Aim of the task – Take every line from the records below that includes the word "stair".

*** Source information ***

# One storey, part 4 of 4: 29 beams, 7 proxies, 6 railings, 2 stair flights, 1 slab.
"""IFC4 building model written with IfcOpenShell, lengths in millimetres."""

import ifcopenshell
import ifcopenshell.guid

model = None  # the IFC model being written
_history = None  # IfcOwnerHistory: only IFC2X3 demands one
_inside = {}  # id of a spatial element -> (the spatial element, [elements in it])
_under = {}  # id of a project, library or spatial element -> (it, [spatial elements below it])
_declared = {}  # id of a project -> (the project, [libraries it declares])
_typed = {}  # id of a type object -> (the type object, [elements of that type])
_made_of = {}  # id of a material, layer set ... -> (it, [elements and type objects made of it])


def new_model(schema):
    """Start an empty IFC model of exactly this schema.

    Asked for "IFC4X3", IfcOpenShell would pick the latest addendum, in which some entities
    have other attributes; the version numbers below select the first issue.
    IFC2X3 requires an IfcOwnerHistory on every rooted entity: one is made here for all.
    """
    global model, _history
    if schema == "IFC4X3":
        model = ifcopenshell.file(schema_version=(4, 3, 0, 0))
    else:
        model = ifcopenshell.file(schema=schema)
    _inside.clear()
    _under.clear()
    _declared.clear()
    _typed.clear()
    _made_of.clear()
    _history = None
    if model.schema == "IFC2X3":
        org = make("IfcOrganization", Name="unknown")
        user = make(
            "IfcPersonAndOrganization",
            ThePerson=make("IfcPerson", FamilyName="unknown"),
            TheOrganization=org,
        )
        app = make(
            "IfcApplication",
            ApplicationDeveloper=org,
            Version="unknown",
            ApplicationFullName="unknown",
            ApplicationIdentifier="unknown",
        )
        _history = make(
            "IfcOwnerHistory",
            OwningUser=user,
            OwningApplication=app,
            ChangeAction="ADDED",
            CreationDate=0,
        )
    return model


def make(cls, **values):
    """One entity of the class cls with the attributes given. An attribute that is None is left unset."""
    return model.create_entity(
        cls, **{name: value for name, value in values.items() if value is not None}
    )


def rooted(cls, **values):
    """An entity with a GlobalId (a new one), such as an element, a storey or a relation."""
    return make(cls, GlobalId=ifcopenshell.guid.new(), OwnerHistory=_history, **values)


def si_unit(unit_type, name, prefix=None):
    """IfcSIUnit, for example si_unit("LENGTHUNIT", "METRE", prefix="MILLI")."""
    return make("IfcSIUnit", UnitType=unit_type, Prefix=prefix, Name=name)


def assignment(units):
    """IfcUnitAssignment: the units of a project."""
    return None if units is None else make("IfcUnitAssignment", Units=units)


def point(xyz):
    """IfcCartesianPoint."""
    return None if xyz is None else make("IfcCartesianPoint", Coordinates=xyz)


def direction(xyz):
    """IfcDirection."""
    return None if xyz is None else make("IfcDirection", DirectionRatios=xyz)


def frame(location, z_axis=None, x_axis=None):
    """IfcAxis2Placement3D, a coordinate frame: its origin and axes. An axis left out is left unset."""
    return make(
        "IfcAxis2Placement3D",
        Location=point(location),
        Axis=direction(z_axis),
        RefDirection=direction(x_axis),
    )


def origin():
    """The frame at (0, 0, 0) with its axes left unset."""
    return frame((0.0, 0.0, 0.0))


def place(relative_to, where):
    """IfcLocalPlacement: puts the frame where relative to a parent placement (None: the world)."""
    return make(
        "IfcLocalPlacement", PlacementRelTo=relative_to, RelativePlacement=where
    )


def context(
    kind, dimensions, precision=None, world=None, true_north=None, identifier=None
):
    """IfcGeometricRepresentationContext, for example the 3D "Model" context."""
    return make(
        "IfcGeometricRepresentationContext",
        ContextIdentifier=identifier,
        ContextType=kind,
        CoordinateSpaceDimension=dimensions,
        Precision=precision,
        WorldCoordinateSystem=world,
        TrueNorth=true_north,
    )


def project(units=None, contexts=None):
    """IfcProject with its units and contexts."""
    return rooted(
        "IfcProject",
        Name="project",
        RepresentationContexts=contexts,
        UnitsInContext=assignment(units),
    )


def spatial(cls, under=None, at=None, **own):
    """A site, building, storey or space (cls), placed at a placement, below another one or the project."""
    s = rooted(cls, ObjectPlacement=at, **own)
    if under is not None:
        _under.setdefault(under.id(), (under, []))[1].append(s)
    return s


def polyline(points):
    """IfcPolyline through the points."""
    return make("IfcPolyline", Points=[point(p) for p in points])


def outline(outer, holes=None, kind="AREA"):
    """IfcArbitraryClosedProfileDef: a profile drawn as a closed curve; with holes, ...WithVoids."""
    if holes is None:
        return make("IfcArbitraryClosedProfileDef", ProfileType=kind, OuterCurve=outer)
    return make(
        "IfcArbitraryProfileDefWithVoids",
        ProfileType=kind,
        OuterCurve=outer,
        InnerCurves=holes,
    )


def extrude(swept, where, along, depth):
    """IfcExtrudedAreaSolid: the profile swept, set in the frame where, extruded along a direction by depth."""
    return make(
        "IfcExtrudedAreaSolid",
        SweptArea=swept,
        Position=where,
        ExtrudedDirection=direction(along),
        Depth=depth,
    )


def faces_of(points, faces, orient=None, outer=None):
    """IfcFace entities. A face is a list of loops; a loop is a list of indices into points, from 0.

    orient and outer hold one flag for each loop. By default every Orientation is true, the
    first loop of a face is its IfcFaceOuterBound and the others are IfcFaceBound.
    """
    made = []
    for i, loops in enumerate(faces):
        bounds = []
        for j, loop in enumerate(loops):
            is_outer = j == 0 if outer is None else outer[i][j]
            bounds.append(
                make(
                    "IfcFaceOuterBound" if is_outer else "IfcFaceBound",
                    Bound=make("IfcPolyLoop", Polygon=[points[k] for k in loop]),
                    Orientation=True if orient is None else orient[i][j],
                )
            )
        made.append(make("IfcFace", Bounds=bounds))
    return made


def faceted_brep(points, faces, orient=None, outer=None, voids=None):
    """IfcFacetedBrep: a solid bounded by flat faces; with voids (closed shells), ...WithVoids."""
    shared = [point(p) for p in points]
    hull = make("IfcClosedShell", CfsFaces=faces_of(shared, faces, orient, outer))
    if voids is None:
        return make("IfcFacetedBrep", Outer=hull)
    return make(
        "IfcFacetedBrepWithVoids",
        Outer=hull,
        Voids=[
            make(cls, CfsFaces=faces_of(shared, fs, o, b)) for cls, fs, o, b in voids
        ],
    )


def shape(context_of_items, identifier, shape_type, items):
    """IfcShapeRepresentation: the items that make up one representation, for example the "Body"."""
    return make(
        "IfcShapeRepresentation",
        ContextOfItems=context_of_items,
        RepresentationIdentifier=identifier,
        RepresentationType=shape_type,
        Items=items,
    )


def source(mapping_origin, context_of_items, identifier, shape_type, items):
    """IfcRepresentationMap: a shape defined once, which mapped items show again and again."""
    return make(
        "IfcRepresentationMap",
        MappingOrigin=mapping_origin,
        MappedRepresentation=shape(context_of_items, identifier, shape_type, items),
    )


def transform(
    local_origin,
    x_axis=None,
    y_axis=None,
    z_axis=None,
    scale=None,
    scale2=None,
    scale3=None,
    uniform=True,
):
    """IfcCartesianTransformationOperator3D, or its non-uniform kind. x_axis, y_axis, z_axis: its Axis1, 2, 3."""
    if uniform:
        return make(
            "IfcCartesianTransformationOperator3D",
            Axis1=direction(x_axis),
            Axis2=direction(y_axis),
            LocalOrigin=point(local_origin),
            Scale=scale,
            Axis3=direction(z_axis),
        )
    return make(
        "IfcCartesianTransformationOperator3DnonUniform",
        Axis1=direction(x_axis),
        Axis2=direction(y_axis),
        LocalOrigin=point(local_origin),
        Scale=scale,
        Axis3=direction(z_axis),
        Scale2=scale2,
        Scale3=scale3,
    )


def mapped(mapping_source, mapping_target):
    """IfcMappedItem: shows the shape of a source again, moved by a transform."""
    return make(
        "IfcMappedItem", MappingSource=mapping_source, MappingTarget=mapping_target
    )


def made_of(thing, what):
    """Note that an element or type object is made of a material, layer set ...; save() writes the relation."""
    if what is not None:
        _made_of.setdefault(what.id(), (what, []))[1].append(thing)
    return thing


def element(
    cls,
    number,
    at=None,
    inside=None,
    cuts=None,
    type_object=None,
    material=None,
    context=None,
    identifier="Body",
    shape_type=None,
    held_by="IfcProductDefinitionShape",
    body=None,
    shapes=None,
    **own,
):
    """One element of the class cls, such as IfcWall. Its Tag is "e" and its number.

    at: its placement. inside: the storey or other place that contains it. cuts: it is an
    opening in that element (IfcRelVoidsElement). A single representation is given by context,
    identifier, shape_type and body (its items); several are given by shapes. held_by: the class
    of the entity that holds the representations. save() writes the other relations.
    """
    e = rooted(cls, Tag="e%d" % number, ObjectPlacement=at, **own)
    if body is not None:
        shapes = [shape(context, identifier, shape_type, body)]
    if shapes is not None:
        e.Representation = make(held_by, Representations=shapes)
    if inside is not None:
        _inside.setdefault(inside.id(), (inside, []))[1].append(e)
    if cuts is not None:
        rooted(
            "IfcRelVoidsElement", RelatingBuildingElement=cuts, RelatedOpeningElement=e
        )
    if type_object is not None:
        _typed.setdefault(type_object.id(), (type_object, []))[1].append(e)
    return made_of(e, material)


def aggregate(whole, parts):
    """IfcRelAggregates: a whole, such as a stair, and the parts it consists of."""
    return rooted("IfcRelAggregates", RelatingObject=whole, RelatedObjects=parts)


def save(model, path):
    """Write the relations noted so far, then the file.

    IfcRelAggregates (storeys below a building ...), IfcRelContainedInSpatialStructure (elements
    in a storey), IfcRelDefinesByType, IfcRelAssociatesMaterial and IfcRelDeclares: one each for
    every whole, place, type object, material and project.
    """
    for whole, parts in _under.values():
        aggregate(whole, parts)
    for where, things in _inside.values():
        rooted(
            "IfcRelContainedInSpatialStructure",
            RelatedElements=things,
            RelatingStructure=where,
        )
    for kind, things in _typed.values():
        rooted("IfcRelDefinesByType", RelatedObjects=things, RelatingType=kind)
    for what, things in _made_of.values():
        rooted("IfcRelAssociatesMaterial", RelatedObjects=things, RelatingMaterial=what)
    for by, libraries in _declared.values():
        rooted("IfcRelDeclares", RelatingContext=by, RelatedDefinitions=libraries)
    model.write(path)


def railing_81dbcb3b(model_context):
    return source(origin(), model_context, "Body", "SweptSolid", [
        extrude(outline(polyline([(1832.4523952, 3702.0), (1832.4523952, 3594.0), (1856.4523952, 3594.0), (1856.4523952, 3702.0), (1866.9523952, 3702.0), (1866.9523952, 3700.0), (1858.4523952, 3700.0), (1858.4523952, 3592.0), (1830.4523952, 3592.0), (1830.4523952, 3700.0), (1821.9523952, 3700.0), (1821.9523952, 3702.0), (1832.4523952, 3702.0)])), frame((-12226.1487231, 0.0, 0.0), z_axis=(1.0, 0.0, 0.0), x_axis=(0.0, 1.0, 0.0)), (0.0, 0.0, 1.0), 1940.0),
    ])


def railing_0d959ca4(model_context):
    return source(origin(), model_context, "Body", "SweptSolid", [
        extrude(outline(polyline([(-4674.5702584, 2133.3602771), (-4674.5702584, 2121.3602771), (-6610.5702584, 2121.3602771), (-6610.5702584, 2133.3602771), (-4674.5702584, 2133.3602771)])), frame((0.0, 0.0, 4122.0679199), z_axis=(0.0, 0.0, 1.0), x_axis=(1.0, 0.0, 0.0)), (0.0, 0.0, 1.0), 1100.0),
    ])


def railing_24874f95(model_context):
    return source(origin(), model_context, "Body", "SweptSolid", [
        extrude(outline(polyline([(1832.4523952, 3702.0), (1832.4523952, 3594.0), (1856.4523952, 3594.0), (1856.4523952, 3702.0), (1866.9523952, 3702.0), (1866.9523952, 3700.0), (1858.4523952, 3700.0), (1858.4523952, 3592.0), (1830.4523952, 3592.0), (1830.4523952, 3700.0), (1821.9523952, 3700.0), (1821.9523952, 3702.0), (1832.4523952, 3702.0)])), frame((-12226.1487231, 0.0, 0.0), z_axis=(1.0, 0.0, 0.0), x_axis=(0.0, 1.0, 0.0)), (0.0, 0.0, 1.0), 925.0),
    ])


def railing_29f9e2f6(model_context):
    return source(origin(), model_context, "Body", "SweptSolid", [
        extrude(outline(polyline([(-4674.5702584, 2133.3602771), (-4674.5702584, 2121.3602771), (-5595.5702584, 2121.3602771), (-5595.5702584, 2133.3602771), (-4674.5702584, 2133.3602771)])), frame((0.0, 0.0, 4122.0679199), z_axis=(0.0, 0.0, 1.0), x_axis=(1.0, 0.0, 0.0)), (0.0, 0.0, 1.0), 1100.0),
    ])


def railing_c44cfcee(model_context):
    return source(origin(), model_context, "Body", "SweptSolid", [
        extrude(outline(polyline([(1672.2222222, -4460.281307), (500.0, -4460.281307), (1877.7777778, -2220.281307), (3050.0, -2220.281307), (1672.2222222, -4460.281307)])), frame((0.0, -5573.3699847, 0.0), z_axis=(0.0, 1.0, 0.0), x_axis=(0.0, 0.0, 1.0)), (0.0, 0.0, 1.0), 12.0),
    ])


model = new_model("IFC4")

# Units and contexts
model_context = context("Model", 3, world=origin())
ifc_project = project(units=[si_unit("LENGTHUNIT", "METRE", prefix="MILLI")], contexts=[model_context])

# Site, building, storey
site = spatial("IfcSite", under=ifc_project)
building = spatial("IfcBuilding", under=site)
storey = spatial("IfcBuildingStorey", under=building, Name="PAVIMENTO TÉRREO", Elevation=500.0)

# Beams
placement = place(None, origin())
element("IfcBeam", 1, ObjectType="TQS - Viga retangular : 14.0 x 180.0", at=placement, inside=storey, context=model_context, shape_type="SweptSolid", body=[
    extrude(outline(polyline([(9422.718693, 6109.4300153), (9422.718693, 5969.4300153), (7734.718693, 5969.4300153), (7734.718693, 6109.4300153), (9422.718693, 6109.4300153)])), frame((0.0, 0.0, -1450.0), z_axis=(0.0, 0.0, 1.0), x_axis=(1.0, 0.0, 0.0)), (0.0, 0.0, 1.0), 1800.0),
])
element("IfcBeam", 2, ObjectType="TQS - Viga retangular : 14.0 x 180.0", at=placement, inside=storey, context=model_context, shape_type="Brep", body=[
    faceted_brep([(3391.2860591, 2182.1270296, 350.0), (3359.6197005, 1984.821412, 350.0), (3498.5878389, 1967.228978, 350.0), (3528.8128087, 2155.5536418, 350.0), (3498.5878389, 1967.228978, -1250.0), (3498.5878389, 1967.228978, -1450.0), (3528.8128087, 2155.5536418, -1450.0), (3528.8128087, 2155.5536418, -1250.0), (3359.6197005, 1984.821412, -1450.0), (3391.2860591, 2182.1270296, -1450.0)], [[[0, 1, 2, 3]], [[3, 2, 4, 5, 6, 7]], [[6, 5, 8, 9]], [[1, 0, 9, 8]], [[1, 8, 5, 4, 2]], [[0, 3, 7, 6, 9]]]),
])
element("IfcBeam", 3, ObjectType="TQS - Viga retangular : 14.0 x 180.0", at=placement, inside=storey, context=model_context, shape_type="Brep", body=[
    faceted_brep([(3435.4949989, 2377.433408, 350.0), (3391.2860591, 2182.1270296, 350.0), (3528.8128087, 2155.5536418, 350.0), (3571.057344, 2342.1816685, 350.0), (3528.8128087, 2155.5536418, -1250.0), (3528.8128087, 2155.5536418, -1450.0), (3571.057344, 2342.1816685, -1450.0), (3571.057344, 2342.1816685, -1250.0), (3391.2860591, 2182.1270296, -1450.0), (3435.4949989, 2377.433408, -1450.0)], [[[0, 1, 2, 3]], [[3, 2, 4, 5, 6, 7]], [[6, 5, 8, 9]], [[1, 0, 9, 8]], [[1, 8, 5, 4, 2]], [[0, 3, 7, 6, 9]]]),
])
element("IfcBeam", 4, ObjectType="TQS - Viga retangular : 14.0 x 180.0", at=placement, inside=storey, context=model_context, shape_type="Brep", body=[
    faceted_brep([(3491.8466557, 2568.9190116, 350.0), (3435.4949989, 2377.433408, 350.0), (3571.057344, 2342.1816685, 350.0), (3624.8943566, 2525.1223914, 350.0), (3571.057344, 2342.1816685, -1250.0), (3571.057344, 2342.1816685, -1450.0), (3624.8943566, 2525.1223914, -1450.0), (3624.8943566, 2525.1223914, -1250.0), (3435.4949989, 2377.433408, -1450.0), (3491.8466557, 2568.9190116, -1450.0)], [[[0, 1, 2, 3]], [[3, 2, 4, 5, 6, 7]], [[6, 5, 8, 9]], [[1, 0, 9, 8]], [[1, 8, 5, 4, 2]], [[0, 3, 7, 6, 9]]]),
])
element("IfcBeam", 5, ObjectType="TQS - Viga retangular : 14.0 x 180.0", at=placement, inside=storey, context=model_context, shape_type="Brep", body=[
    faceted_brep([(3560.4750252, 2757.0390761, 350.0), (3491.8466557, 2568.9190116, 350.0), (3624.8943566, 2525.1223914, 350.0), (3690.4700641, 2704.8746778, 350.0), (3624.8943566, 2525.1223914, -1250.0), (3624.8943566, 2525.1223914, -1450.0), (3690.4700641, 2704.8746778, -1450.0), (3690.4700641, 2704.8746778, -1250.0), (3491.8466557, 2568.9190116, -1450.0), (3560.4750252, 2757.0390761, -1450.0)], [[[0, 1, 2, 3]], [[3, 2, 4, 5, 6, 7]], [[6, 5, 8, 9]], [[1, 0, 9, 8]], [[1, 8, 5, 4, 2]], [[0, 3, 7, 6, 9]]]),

*** End of Source information ***

Output of the exercise –
# One storey, part 4 of 4: 29 beams, 7 proxies, 6 railings, 2 stair flights, 1 slab.
    """IfcRelAggregates: a whole, such as a stair, and the parts it consists of."""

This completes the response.